I've read that the original K-Bar was made with of leather stacked wafers for the handle in order to improve grip when wet. Makes sense, leather does swell and get a bit more grippy when wet.
Does the newer model, using what I believe is "kraton" as a handle material, also offer the same improvement to grip when wet, or does it fare worse than leather?


----------



## Captjim_NM (Oct 31, 2020)

I would say it is equal to the leather. I have several Buck knives with the micarta handles and I don't use them because the handle is just too slick, think it would be even worst with blood on it.


----------



## Grinch (Jan 3, 2016)

I've always had a special place in my heart for Ka-Bar and Case with the stacked leather handles.


----------



## rice paddy daddy (Jul 17, 2012)

I carried one in Nam, I left it behind with a friend when I came home.
I bought another one in a fit of nostalgia about 20 years ago.
I also have a WWII issue one that came with a fiberglass scabbard marked USN and MkII. This is the "real deal".

A couple months ago I bought one of the smaller ones at my Ace Hardware, I had never seen one before. It came with a "tactical" sheath, which is neat because the knife locks in with no need for a snap strap. And draws very easily.
I like this one because the full size one is awkward getting in and out of my truck, but the Junior is no problem.

I always wear a fixed blade everywhere except work. There is no Florida law regulating size, I could wear a machete if i desired. I like to keep the blade length 5" or less for convenience.
This is a back up weapon to the handgun in my pocket, if need be.


----------



## LetsGo (Feb 16, 2021)

There are a few FL knife laws, but pretty good overall.


----------



## Captjim_NM (Oct 31, 2020)

Interesting presentation on state knife laws.


----------



## LetsGo (Feb 16, 2021)

Captjim_NM said:


> Interesting presentation on state knife laws.

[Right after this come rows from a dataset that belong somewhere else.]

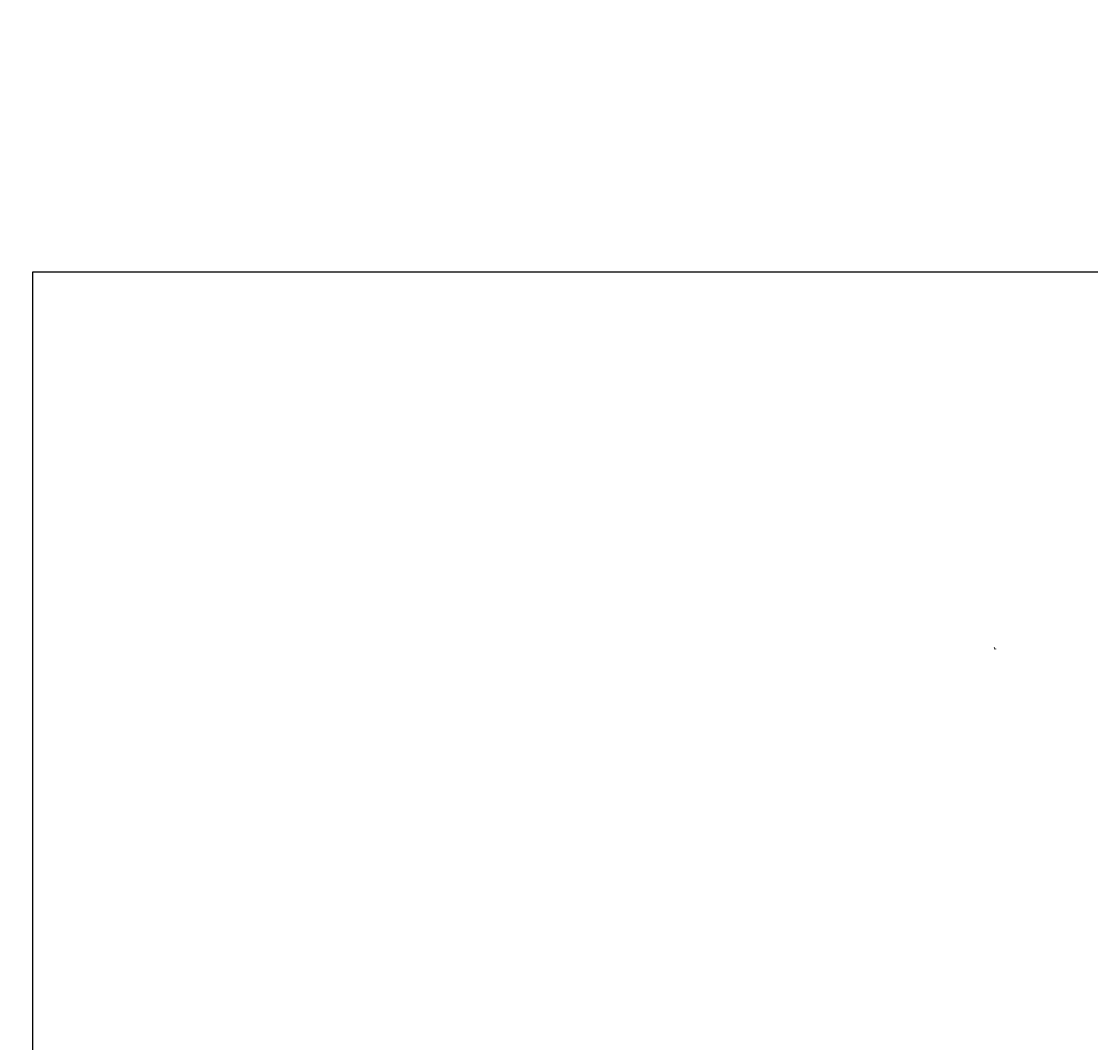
# Model space of a CAD drawing. Extents: x -11758 to 4934791, y -233543 to 1826789.
# Tile 98 of 107: x 428836 to 567992, y 165036 to 297896. Entities that reach past the tile are written whole.
import ezdxf

# ---------------------------------------------------------------- set-up
doc = ezdxf.new("R2010")
doc.units = 0
doc.header["$LTSCALE"] = 800
doc.header["$MEASUREMENT"] = 0
for name, color, linetype, lineweight in [('DIM', 4, 'CONTINUOUS', 15), ('T', 3, 'CONTINUOUS', 15), ('TEXT', 3, 'CONTINUOUS', 15), ('WALL HATCH', 251, 'CONTINUOUS', 13)]:
    doc.layers.add(name, color=color, linetype=linetype, lineweight=lineweight)
doc.layers.add('WALL', color=6, linetype='CONTINUOUS')
doc.styles.add('ROMANC', font='romanc')
doc.styles.add('ROMANS', font='ISO9.shx', dxfattribs={"width": 0.8})
doc.styles.add('S3', font='ROMANS1.SHX', dxfattribs={"width": 0.8})

msp = doc.modelspace()

# ---------------------------------------------------------------- hatches: boundary and pattern name
at = {"layer": 'WALL HATCH'}
h = msp.add_hatch(dxfattribs=at)
h.set_pattern_fill('ANSI32', color=256, scale=750, style=0)
edge = h.paths.add_edge_path()
edge.add_line((555703.3, 216224.2), (555349.3, 216224.2))
edge.add_line((555703.3, 216454.2), (555349.3, 216454.2))

# ---------------------------------------------------------------- linework, layer by layer
at = {"layer": 'WALL'}
msp.add_lwpolyline([(430322.5, 265302.5), (656404, 265302.5), (656404, -150469.3), (430322.5, -150469.3)], close=True, dxfattribs=at)

# ---------------------------------------------------------------- texts
at = {"layer": 'DIM', "insert": (142982.4, 286484.1), "char_height": 400, "attachment_point": 1, "style": 'ROMANS'}
msp.add_mtext_dynamic_manual_height_columns('\\pi301.29;PLATFORM SHADED      & STUB COLUMNS P1, P2, P3 & P4  \\P\\pi4065.1;TO BE PROVIDED BY PEM-CIVIL.', width=15993.047, gutter_width=2000, heights=[0], dxfattribs=at)
at = {"layer": 'T', "char_height": 400, "attachment_point": 1}
for s, insert, width, style in [('\\pi619.51;STAIRCASE \\P\\pi787.13;15.5M TO \\P\\pi1251.9;21.0M', (89241.7, 297888.5, 207.7), 3753.309, 'S3'), ('\\pi1400.4;ROOF OF AIR \\P\\pi629.01;WASHER ROOM AT \\P\\pi2657.6;15.5M', (121030.2, 277702.2), 6972.301, 'ROMANC'), ('\\pi1047.9;OPENINGS FOR LPBP VALVES', (57793.7, 266395.5), 9181.506, 'S3')]:
    msp.add_mtext(s, dxfattribs=dict(at, insert=insert, width=width, style=style))
at = {"layer": 'TEXT', "char_height": 450, "attachment_point": 1, "style": 'ROMANS'}
for s, insert, width in [('\\pi941.44;DUCT SUPPORTING \\P\\pi1927.2;STRUCTURE ', (43567.3, 268365.4), 6871.448), ('\\pi229.15;COLUMNS TO BE RAISED UPTO \\P\\pi1437.7;33.0M FOR PROVIDING \\P\\pi417.72;SUPPORTING STRUCTURE FOR  \\P\\pi512.01;CRITICAL PIPING AND POWER \\P\\pi2629.1;CYCLE PIPING', (85178.7, 236598.7), 8892.585), ('\\pi-450,l450;{\\Fromans|c0;1. ALL DIMENSIONS ARE IN MM & ELEVATIONS IN METERS UNLESS STATED OTHERWISE. \\P\\pi-900,l900;2. ALL ELEVATIONS ARE WITH RESPECT TO TG HALL 0.0M WHICH CORRESPONDS TO    RL(+)219.0M  \\P3. ALL CIVIL DETAILS SUCH AS DOORS/WALLS/CLADDINGS/OPENINGS/TOILETS/ STAIRCASES/LIFT ETC. ARE INDICATIVE ONLY & FOR EXACT DETAILS REFER CIVIL/ARCHITECTURE DRAWINGS. \\P4. CIVIL TO PROVIDE 2NOs. EPS (TOS) 250MM WIDEx13800MM LONG FOR HPH-5, 250MM WIDEx16300MM LONG FOR HPH-6 FOR MOVEMENT OF HP.HEATERS AS PER LOCATION SHOWN IN THE DWG. }', (139240.4, 233422.1), 25083.616)]:
    msp.add_mtext(s, dxfattribs=dict(at, insert=insert, width=width))

doc.saveas('drawing.dxf')

It's an app called LegalBlade Knife Rights. It is inexpensive, stays updated, and very informative. Before I got it, I had no idea of all the knife rules out there. Lot of information on that app.


----------



## marineimaging (Jun 1, 2013)

rice paddy daddy said:


> I carried one in Nam, I left it behind with a friend when I came home.
> I bought another one in a fit of nostalgia about 20 years ago.
> I also have a WWII issue one that came with a fiberglass scabbard marked USN and MkII. This is the "real deal".
> 
> ...


Same here. Baby K-Bar to augment my Springfield SDS .45 every day carry, and full size leather handle K-Bar with the .44 Mag Blackhawk for hogs and 2 legged bad guys.


----------



## NotTooProudToHide (Nov 3, 2013)

I never can seem to learn my lesson, spend the money and buy the right tool or you will spend more money buying lesser tools then buy the right one. After purchasing several lesser knives through the years I have finally joined the K Bar club. The moment I picked it up after unboxing it I could tell it was worth every penny I paid for it.


----------



## Usernameforyou (8 mo ago)

I found a k-bar military sword I carry around in my tac vest. It's pretty nice. Solid.


----------



## hardcore (Jan 13, 2013)

been having this one since the early 90s.


----------



## rice paddy daddy (Jul 17, 2012)

LetsGo said:


> There are a few FL knife laws, but pretty good overall.
> View attachment 114310
> View attachment 114310


The Florida concealed license is properly named, by the state, as Concealed Weapon Or Firearm License.
As the holder of one of these, I'm good on everything in red on that chart, EXCEPT a ballistic knife.
Ballistic knife is specifically mentioned in the state statutes as being illegal to possess or carry. It is the only knife specifically mentioned.


----------